Assignment 5. Multiple Regression Using SPSS and data from the 1992 Health and Retirement Study (available

Assignment 5. Multiple Regression

Using SPSS and data from the 1992 Health and Retirement Study (available on the course web page), create dummy variables for sex and race. There are too few people in the Native American, Asian, and Other categories to analyze separately, so your final race dummies should include White, Black, Hispanic, and Other (where other is a combination of Native American, Asian, and Other). I want you to create a dummy variable for every category of race - even though one of these four would have to be omitted from a regression model.
I want to see frequency distributions for the original variables, your syntax for creating the dummy variables, and frequency distributions for the new dummy variables.
Note: The HRS is a nationally representative biennial longitudinal survey (i.e., a panel study) of persons born between 1931 and 1941 (i.e., a cohort). We are using data from the 1992 wave only - thus, our data are cross-sectional. The HRS sample was selected using probability sampling.
Using SPSS and data from the 1992 HRS, grand mean center education and experience AFTER SELECTING CASES WITHOUT MISSING DATA. I want to see frequency distributions and statistics (the mean, minimum, maximum, and standard deviation) for the original and grand mean centered variables. I also want to see your syntax for creating the centered variables.
Using SPSS and data from the 1992 Health and Retirement Study, select respondents for your analysis who are currently working for pay. Hint: Click on Data $\rightarrow$ Select Cases $\rightarrow$ If condition is satisfied $\rightarrow$ If $\rightarrow$ and enter (by typing or clicking) "Work4pay $=2$ " in the empty box (top right) $\rightarrow$ Click Continue and verify that "unselected cases are filtered" (and not deleted) $\rightarrow$ Click on Paste and run the syntax from your syntax file or click on OK.
Using SPSS, the newly created variables, and the filter (from step 3), examine the relationships between income, sex, race, education, and experience. Specifically, run two multiple regression models in SPSS. In the first, regress income (the dependent variable) on sex and race (the independent variables). In the second, regress income (the-dependent variable) on sex, race, education, and experience (the independent variables). Be careful when specifying the models in SPSS - one of the four race dummy variables must be omitted or the models will not run. I would suggest omitting the white dummy variable.

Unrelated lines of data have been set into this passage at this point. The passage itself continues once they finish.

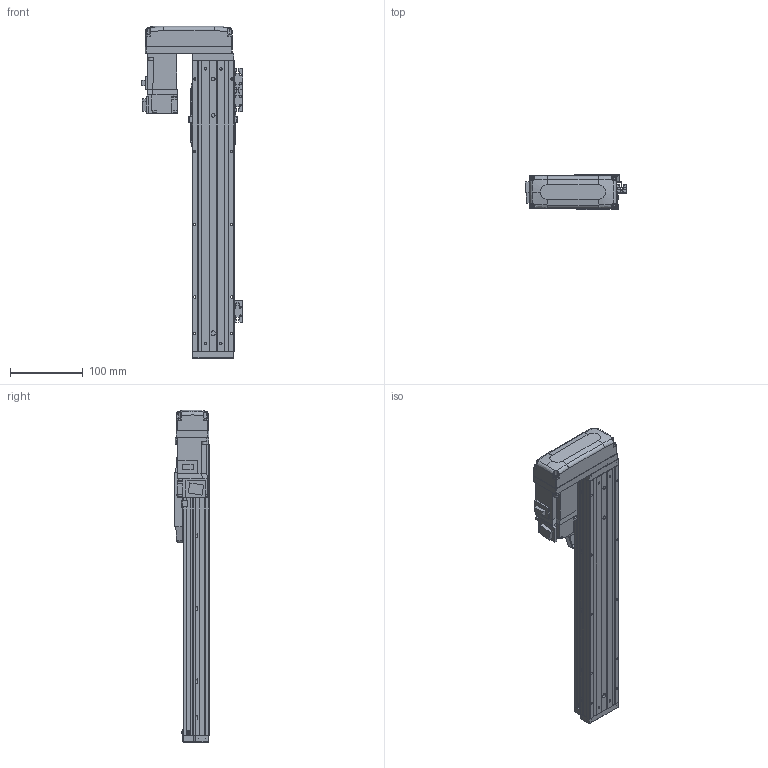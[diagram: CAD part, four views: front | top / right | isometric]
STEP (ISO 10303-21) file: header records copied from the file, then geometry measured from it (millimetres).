
FILE_DESCRIPTION (( 'STEP AP203' ), '1' );
FILE_NAME ('CTHA50-250-BR-M10-C4L.step', '2022-03-19T06:06:31', ( '微软用户' ), ( '微软中国' ), 'SwSTEP 2.0', 'SolidWorks 2020', '' );
FILE_SCHEMA (( 'CONFIG_CONTROL_DESIGN' ));
Length unit declared in the file: millimetre
Products named in the file (20): GBT77-2000 M3×3; CTHA50-002; CTHA50-250-BR-M10-C4L; GBT 70.1-M3℅6; CTHA50-030; KTHA50-001_400; CTHA60-017; CTHA50-031; KTHA50-004; GBT 70.1-M4×12; GBT 70.3-M3℅6; KTHA50-005; CTHA60-016; CTHA50-015-2_CTHA60-015-2; GB¨uT 70.2-M3¡Á6_M3¡Á6; CTHA60-021; CTHA60-033; EE_SX911P_R; HG-KR13（三菱）; GBT 70.1-M3×15
Assembly tree (60 placements, depth 2):
  CTHA50-250-BR-M10-C4L
    KTHA50-001_400
    KTHA50-004
    KTHA50-005
    GB¨uT 70.2-M3¡Á6_M3¡Á6  x10
    EE_SX911P_R  x3
    GBT77-2000 M3×3  x6
    GBT 70.1-M3℅6  x6
    CTHA60-017  x3
    GBT 70.1-M4×12  x10
    CTHA60-016  x2
    CTHA60-021  x2
    HG-KR13（三菱）
    CTHA50-002
    CTHA50-030  x2
    CTHA50-031
    GBT 70.3-M3℅6  x4
    CTHA50-015-2_CTHA60-015-2
    CTHA60-033
    GBT 70.1-M3×15  x4
Bounding box: 139.12 x 48 x 457 mm (x, y, z)
Volume: 1018484 mm3; surface area: 265406.9 mm2
Topology: 62 solids, 62 shells, 2493 faces, 5911 edges, 3618 vertices
Faces by surface type: plane 1410, cylinder 576, cone 349, torus 108, bspline 26, sphere 24
Entity records: 42039 total; most frequent: CARTESIAN_POINT 7771, DIRECTION 6535, ORIENTED_EDGE 6330, EDGE_CURVE 3165, LINE 2211, VECTOR 2211, AXIS2_PLACEMENT_3D 2162, VERTEX_POINT 1992

Note - you can run the models in one or two steps. You should already know how to do it in two steps. To run the model in one step, enter the sex and race dummies as usual. Then click on the "Next" button and add education and experience. This will create two 'blocks' of variables and will allow you to perform a special type of $F$ test (see below-part h). If you choose this one-step option, be sure to select " $R$ squared change" in the Statistics box (this will generate the results for the special $F$ test).

Begin by interpreting the following statistics from the second model (including sex, race, education, and experience):

Bivariate correlations between all relevant variables (i.e., strength and direction, characterize the relationship, statistical significance). I would suggest creating a bivariate correlation matrix to aid your discussion (see the handout from Topic 6 for an example).
R-squared/adjusted r-squared (whichever is most appropriate).
The global $F$ test (#3 in the handout from Topic 9) in the ANOVA table (i.e., identify the null and research hypotheses, make and explain your decision, etc.).
The y-intercept (you do not need to test for significance from 0 ).
The slopes for all variables (i.e., direction, significance, characterize the relationship, statistical significance).
Use the standardized coefficients to identify the variable with the strongest effect.
After addressing a-f above, examine the output from the first model (including only sex and race). In particular, focus on the slope coefficients for the sex and race dummies. Address the following:
Interpret the slope coefficients for the sex and race dummy variables from the first model (i.e., direction, significance, characterize the relationship, statistical significance).
Conduct an $\mathrm{F}$ test (#2 in the handout from Topic 9) in order to compare the two models (i.e., identify the null and research hypotheses, make and explain your decision, etc.).
Respond to the following questions: how might your conclusions regarding the relationships between sex and income and race and income differ if you had ignored education and experience? Would you say that the relationships between sex and income and race and income are spurious?